Madeleine Parent est une figure du féminisme et du syndicalisme québécois, dont les luttes pour l’égalité questionnent encore aujourd’hui sur l’intersectionnalité des luttes. Ancienne étudiante de l’Université McGill, Madeleine Parent défend un féminisme spécifique au Québec : sa naissance est intimement liée aux mouvements de luttes sociales qui sont apparus au 20ème siècle. Les années 1960 voient alors apparaître une dissociation des luttes : les féministes commencent à revendiquer les droits de toutes les femmes seulement. Quel paradoxe a alors mené les mouvements féministes à se différencier des autres mouvements de lutte sociale ? Madeleine Parent exprime-t-elle ce lien difficile à ignorer entre égalité des classes et égalité des genres ? Lutter pour l’égalité, est-ce lutter pour tout le monde ?
Une vie
Madeleine Parent a lutté pour l’égalité des classes et des genres, sans jamais réellement associer ces luttes. Au cours de sa vie, elle milite au sein d’organisations ouvrières, dont les Ouvriers Unis du Textile d’Amérique (OUTA), tout en participant à des grèves. Elle est arrêtée car elle est accusée d’être une communiste russe. En parallèle, elle vit son évolution féministe. Peu après l’université, elle rencontre l’organisatrice syndicale Léa Roback aux côtés de qui elle milite pour le suffrage féminin au Québec. Après 1955, pendant son exil à Ottawa, elle est membre fondatrice du Comité d’action pour le statut de la femme (NAC), au sein duquel elle représente le Québec et défend les droits des femmes autochtones et lutte pour l’égalité salariale.

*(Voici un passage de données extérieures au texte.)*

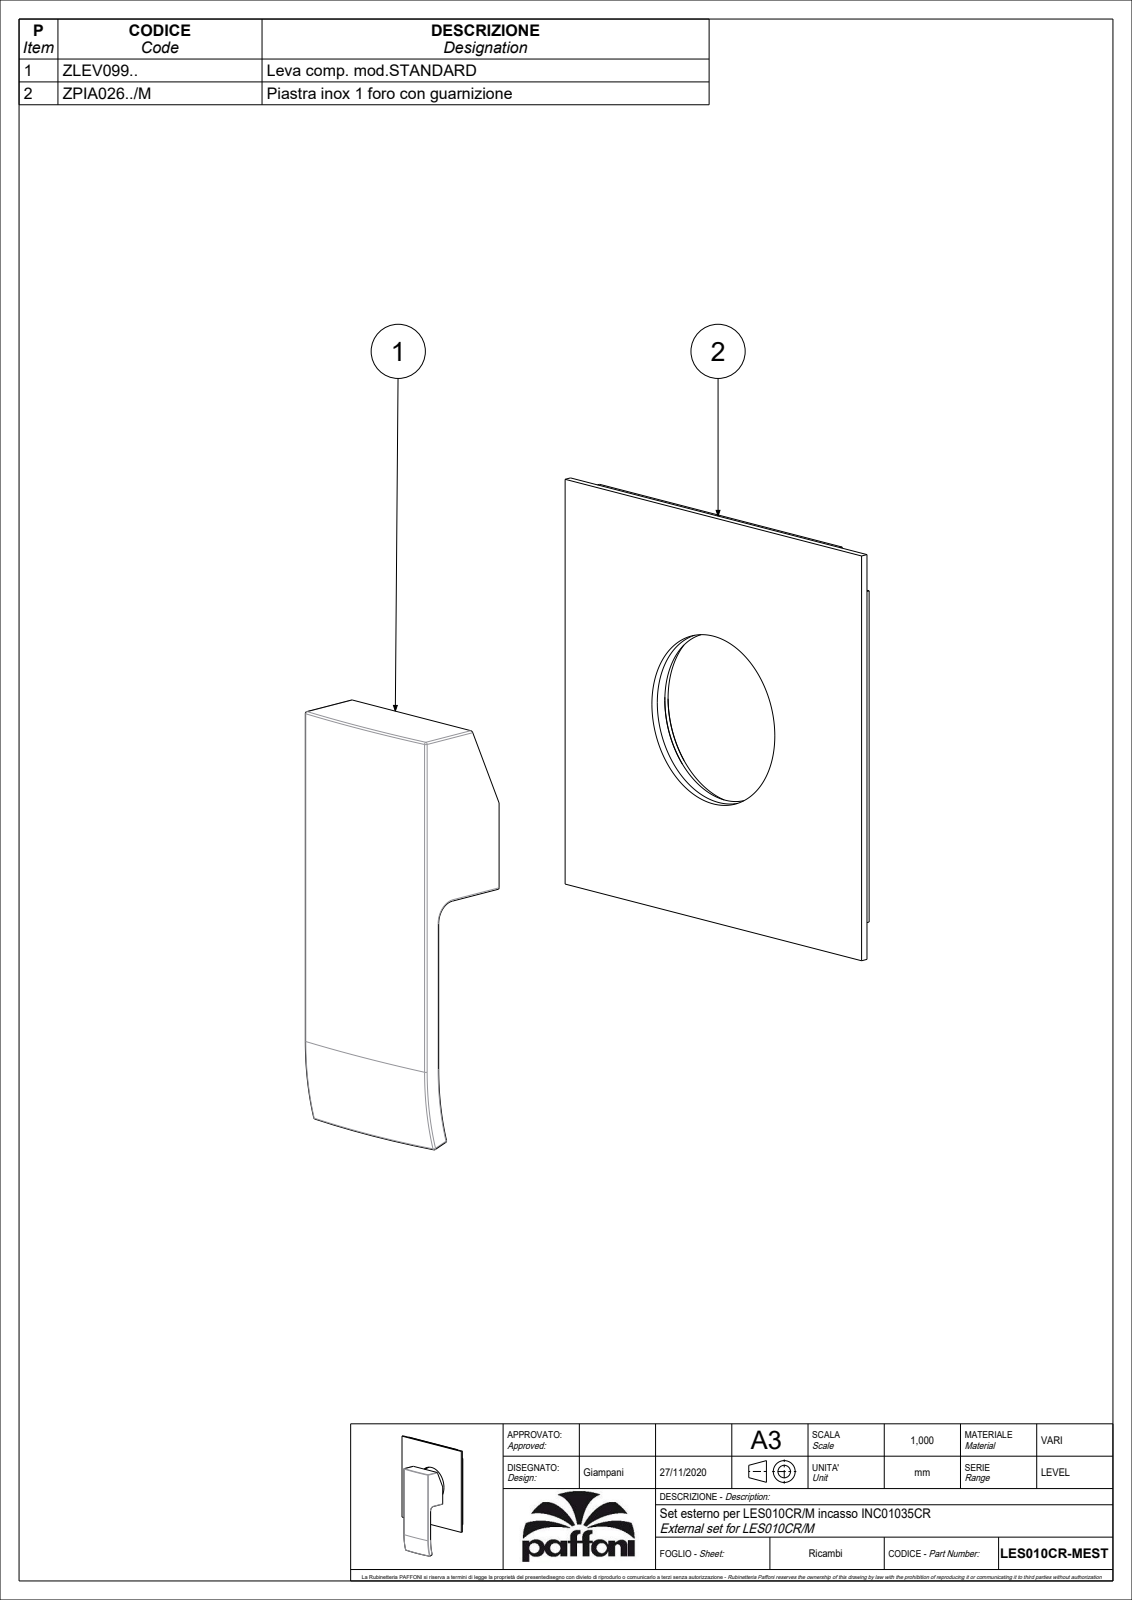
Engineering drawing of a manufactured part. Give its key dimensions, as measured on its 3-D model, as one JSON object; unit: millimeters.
{"part_name": "LES010CR-MEST", "step_written_by": "CREO PARAMETRIC BY PTC INC, 2020044 (CONFIG_CONTROL_DESIGN)", "units": "millimeters", "bodies": {"solids": 2, "faces": 187, "planar": 81, "cylindrical": 61, "other": 45}, "overall_size": [143.38, 110, 37.5], "volume_mm3": 59193, "surface_area_mm2": 45576, "round_holes": [[3, 1], [3.3, 1], [5.5, 1], [7.8, 1], [45.6, 1], [47.6, 1], [51.1, 1]], "round_bosses_or_shafts": [[54.6, 1], [7.6, 1], [5, 1]], "partial_cylinders_radius": [[1.5, 14], [0.5, 10], [2, 4], [300, 2], [2.25, 1]], "face_to_face_distances": [2, 0.8, 2.8, 45, 30, 29.2, 27.2, 32.5, 77.5, 110]}

« Les mouvements féministes et syndicalistes, à la recherche de justice sociale, ne défendent pourtant pas tout à fait les mêmes intérêts »
Le visage des inégalités
Fondamentalement, lutte ouvrière et lutte féministe à ce moment revendiquaient se battre pour une même valeur : l’égalité. Au Québec particulièrement, les mouvements féministes nés dans les années 60 tels que la Fédération des femmes du Québec (FFQ) ou le Front de libération des femmes (FLF) s’inscrivent dans un fort désir de l’époque de développer le tissu associatif québécois et de faire vivre la démocratie. Les mouvements féministes et syndicalistes, à la recherche de justice sociale, ne défendent pourtant pas tout à fait les mêmes intérêts. Les luttes se rejoignent et s’entremêlent, mais tandis que les conséquences des inégalités et des discriminations semblent se ressembler, il est important de considérer les différences de contextes. De nombreuses féministes au Québec considéraient que les discriminations sexistes perduraient à cause de l’ignorance des autorités politiques du caractère inégalitaire de la société. Tandis que les injustices sociales sont déterminées par la structure capitaliste de la société, avec une hiérarchie pyramidale au bas de laquelle les classes les moins aisées sont victimes du système, le patriarcat a une structure bien différente. Il ne s’agit pas d’une hiérarchie pyramidale, mais de seulement deux groupes, un dominant et un dominé, et les discriminations se retrouvent dans toutes les sphères où ces deux groupes sont présents. Ainsi, si Madeleine Parent recherchait l’égalité des différents groupes opprimés, ses revendications n’étaient pas les mêmes en fonction des groupes qu’elle défendait. L’intersectionnalité est une notion centrale qu’il faut absolument prendre en compte pour toutes les luttes, mais il est également important de reconnaître que toutes les discriminations contre lesquelles Madeleine Parent luttait étaient implantées dans des contextes bien différents. Nous n’atteignons pas tous·tes l’égalité et la liberté en empruntant le même escalier.